The media coverage inflamed the anti-creationist lobby leading, to comments like the following from Mr. Porteous Wood: “Creationism is anti-science. Teaching it to children is a form of intellectual child abuse, because it gives them the wrong facts about life.” This viewpoint clearly draws on Professor Dawkins polemic that teaching anything but ‘the correct science’ is child abuse, a position that is monstrously naïve in terms of philosophy of science, presuming that the science of any one given era can be treated as absolute truth despite the manifest evidence that scientific beliefs change over time.
My view on this debacle is
echoed in the voices of other scientists in the
The chief executive of the British Association for the Advancement of Science, Roland Jackson, stated: “I was at the actual discussion and what I heard him say, however it has been reported, was essentially the position advocated by the Royal Society.” He also suggested the Royal Society “should have supported him and used this opportunity to further a reasoned debate”.
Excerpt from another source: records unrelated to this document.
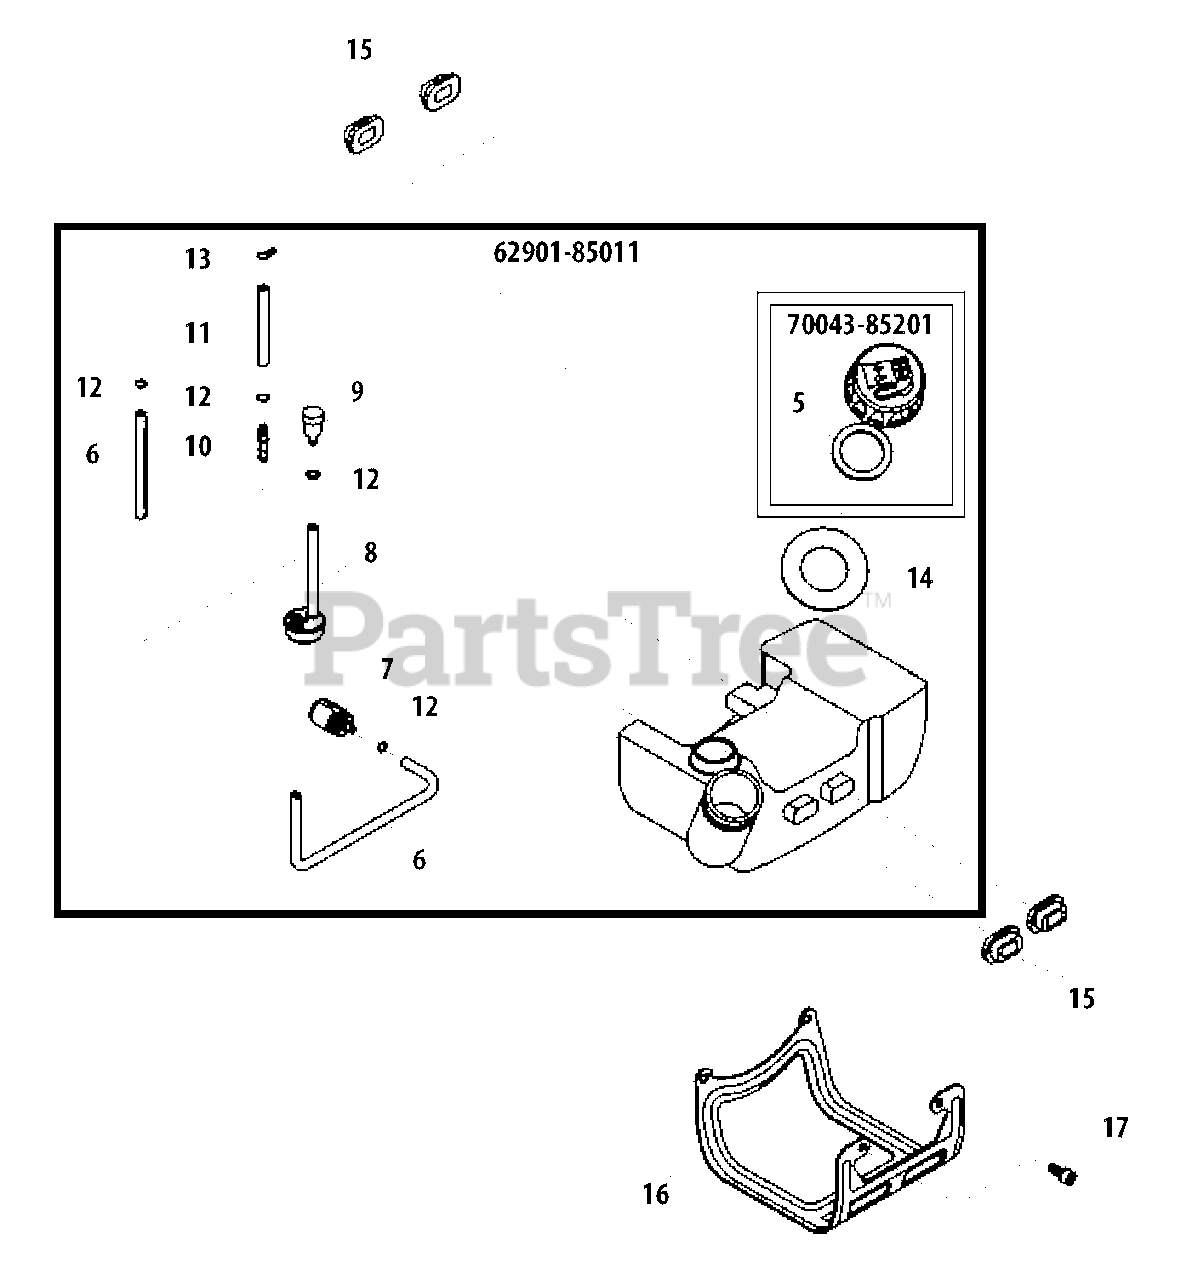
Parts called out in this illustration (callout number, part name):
5	GASKET, CAP
6	PIPE - FUEL
7	FILTER, FUEL
8	GROMMET
9	ELEMENT, BREATHER
10	CONNECTOR, PIPE
11	PIPE - RETURN
12	RING, RETAINING - 6
13	CLIP - SPRING
14	PLATE, CAUTION
15	CUSHION, FUEL TANK
16	GUARD, FUEL TANK
17	SCREW - 5X8
62901-85011	FUEL TANK ASSY
70043-85201	CAP ASSY

All this dovetails with my position that creationism is a reasonable topic to discuss in schools when the students hold this belief, and attempting to suppress discussion is utterly counter-productive. Creationism is no longer considered a valid scientific theory, but this does not make it anti-science, and the discussion of why creationism is not a scientific theory is a legitimate scientific topic. It lays out the boundary conditions for our modern understanding of the scientific process. Similarly, phlogiston is no longer considered a valid scientific theory, but there is nothing anti-scientific about discussing phlogiston – in fact, discussing failed theories teaches far more about the scientific method than enforcing a dogmatic interpretation of science. The use of phrases like “anti-science” reveals partisan psychology at work.
Modern scientists should be sufficiently secure in their scientific beliefs to have discussions on any topic relating to science without it being a cause of cognitive dissonance. When this is not possible, the objective perspective which scientists strive to attain (but never truly can) is entirely lost, and in the absence of even the intent of objectivity the essence of the modern scientific method is obscured. Since the scientific community disagrees on so many facts, it is absurd to treat any aspect of modern scientific knowledge as dogma – when this happens, we have fallen into the nightmare of epistemic dictatorship I lampooned earlier this week in the nonsense piece about the Science Pope.
Professor Reiss’ resignation is an embarrassment to the Royal Society, whose distinguished history spans almost 350 years. When the Royal Society was founded, various forms of creationism were the dominant theories of the origin of life. To contend that these older beliefs are no longer permissible topics for discussion is to irreparably harm the credibility of the scientific endeavour, to violate its assumption of neutrality, and to radically fail to uphold the grand tradition of discussing any and all aspects of human knowledge in a spirit of open debate, upon which all scientific institutions are alleged to be founded.
Sir Isaac Newton, one of the progenitors of modern science, held views that accorded with those of the proponents of Intelligent Design, saying of the Universe: “This most beautiful system could only proceed from the dominion of an intelligent and powerful Being.” Holding this belief did not invalidate his scientific work, which included the publication in 1687 of the most influential book in the history of science, Philosophiæ Naturalis Principia Mathematica. But he knew full well that future scientists would see further than him:
I do not know what I may appear to the world, but to myself I seem to have been
only a boy playing on the sea-shore, and diverting myself in now and then
finding a smoother pebble or a prettier shell than ordinary, whilst the great
ocean of truth lay all undiscovered before me.
Today’s would-be Science Popes would do well to heed Sir Isaac’s advice that “tact is the art of making a point without making an enemy.”